# Guy wanted to use a PEN on my phone...



## CatchyMusicLover (Sep 18, 2015)

I have no more words for this. Actually today was especially weird -- most people have no issues signing with me holding my phone (that's right, MY phone) but I had a lot of businesses today and had a few that wanted to grab it....but a guy wanting to actually sign with a pen? I mean...how is this even fathomable?


----------



## LLXC (Nov 22, 2016)

Guess he expected you to hand him a stylus...LOL


----------



## RGV (Oct 20, 2016)

Shit... better hide my S Pen (I have a Note 5). LOL.


----------



## sillywabbit (May 24, 2016)

CatchyMusicLover said:


> I have no more words for this. Actually today was especially weird -- most people have no issues signing with me holding my phone (that's right, MY phone) but I had a lot of businesses today and had a few that wanted to grab it....but a guy wanting to actually sign with a pen? I mean...how is this even fathomable?


I don't get it.

All of my deliveries didn't require a signature until one day the App prompted for a signature from a customer.

Is the customer a habitual liar as in always saying he never received the package on many occasions or the package was valuable? (It was in a padded envelope).


----------



## CatchyMusicLover (Sep 18, 2015)

No deliveries 'require' one, but it's a good idea at a business (or leasing office or wherever) to get one, just so there's a record.
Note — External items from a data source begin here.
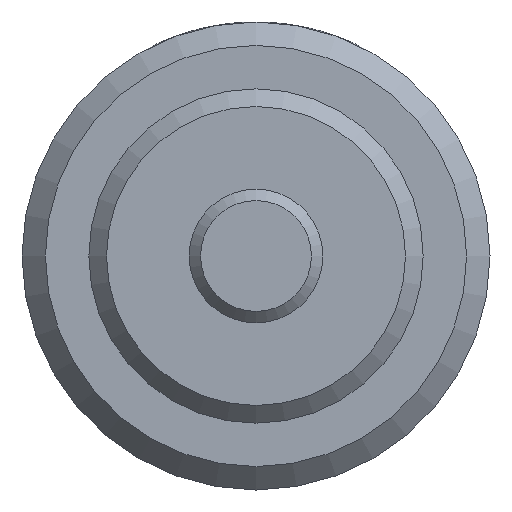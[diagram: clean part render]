
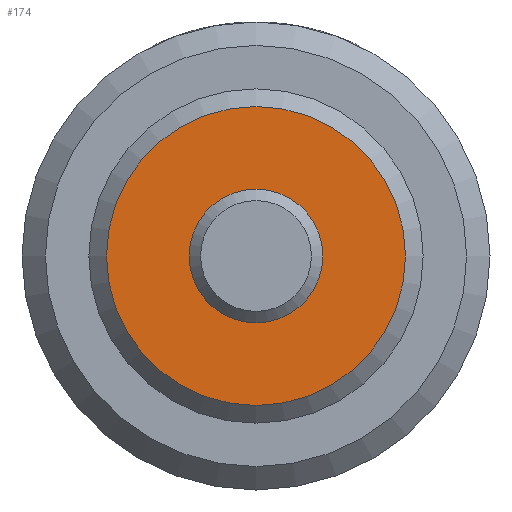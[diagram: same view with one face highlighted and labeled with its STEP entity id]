
A CAD part, left-side view. The second image highlights one B-rep face of the part: STEP entity #174.
In plain terms, the highlighted planar face has unit normal (-1, 0, 0).
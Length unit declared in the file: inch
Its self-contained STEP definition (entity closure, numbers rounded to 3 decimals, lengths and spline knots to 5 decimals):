
#174 = ADVANCED_FACE( '', ( #353, #354 ), #355, .F. );
#353 = FACE_OUTER_BOUND( '', #533, .T. );
#354 = FACE_BOUND( '', #534, .T. );
#355 = PLANE( '', #535 );
#533 = EDGE_LOOP( '', ( #797 ) );
#534 = EDGE_LOOP( '', ( #798 ) );
#535 = AXIS2_PLACEMENT_3D( '', #799, #800, #801 );
#797 = ORIENTED_EDGE( '', *, *, #970, .F. );
#798 = ORIENTED_EDGE( '', *, *, #896, .T. );
#799 = CARTESIAN_POINT( '', ( 0., 0., 0. ) );
#800 = DIRECTION( '', ( 1., 0., 0. ) );
#801 = DIRECTION( '', ( 0., 0., -1. ) );
#896 = EDGE_CURVE( '', #1014, #1014, #1015, .T. );
#970 = EDGE_CURVE( '', #1124, #1124, #1125, .T. );
#1014 = VERTEX_POINT( '', #1240 );
#1015 = CIRCLE( '', #1241, 0.125 );
#1124 = VERTEX_POINT( '', #1446 );
#1125 = CIRCLE( '', #1447, 0.27945 );
#1240 = CARTESIAN_POINT( '', ( 0., 0., -0.125 ) );
#1241 = AXIS2_PLACEMENT_3D( '', #1480, #1481, #1482 );
#1446 = CARTESIAN_POINT( '', ( 0., 0., -0.27945 ) );
#1447 = AXIS2_PLACEMENT_3D( '', #1590, #1591, #1592 );
#1480 = CARTESIAN_POINT( '', ( 0., 0., 0. ) );
#1481 = DIRECTION( '', ( 1., 0., 0. ) );
#1482 = DIRECTION( '', ( 0., 0., -1. ) );
#1590 = CARTESIAN_POINT( '', ( 0., 0., 0. ) );
#1591 = DIRECTION( '', ( 1., 0., 0. ) );
#1592 = DIRECTION( '', ( 0., 0., -1. ) );
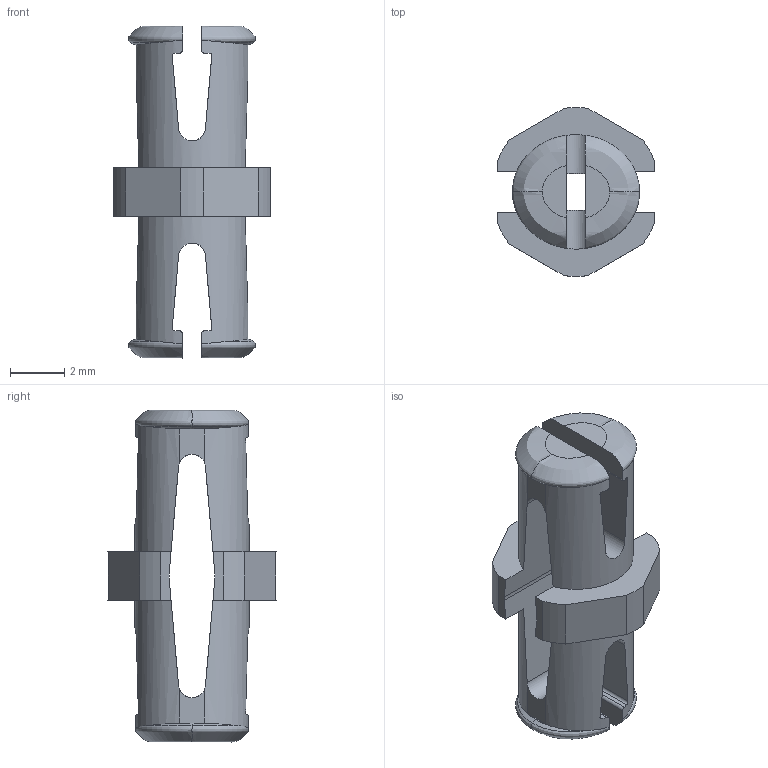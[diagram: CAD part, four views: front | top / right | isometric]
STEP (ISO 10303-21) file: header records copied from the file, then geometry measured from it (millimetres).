
FILE_DESCRIPTION (( 'STEP AP214' ), '1' );
FILE_NAME ('228-2500-2260.STEP', '2021-02-18T20:34:14', ( '' ), ( '' ), 'SwSTEP 2.0', 'SolidWorks 2019', '' );
FILE_SCHEMA (( 'AUTOMOTIVE_DESIGN' ));
Length unit declared in the file: millimetre
Products named in the file (1): 228-2500-2260
Bounding box: 5.8 x 6.24 x 12.28 mm (x, y, z)
Volume: 113.6 mm3; surface area: 312.8 mm2
Topology: 1 solids, 1 shells, 86 faces, 264 edges, 174 vertices
Faces by surface type: plane 40, cylinder 30, bspline 16
Entity records: 13440 total; most frequent: CARTESIAN_POINT 11287, ORIENTED_EDGE 528, DIRECTION 346, EDGE_CURVE 264, VERTEX_POINT 174, VECTOR 120, LINE 120, AXIS2_PLACEMENT_3D 113

Suffice it to say, this one didn't get one.


----------



## LLXC (Nov 22, 2016)

sillywabbit said:


> I don't get it.
> 
> All of my deliveries didn't require a signature until one day the App prompted for a signature from a customer.
> 
> Is the customer a habitual liar as in always saying he never received the package on many occasions or the package was valuable? (It was in a padded envelope).


Possibly. Some customers can tell Amazon to not leave packages in "safe locations," and therefore need a sig. This, of course, is usually after items have gone missing.

Could also be high priced, alcohol, etc.


----------



## enigmaquip (Sep 2, 2016)

I usually only see sig required if you do "receptionist" where it asks you for name and sig..... Never seen it pop up for any other option


----------



## speedyk (Nov 17, 2014)

I was working on construction site and a contractor tried to sign my phone with a steel mechanical pencil, he had turned away from me and was doing it on the seat, pressing harder and harder because it didn't work. I bought a 10-pack of screen protectors to replace the one he gouged, screen was okay. Never work without one since then.


----------



## gaj (Nov 11, 2014)

I always say "Please sign here WITH YOUR FINGER".... seems to solve that issue.

g


----------



## FlexDriver (Dec 5, 2015)

speedyk said:


> I was working on construction site and a contractor tried to sign my phone with a steel mechanical pencil, he had turned away from me and was doing it on the seat, pressing harder and harder because it didn't work. I bought a 10-pack of screen protectors to replace the one he gouged, screen was okay. Never work without one since then.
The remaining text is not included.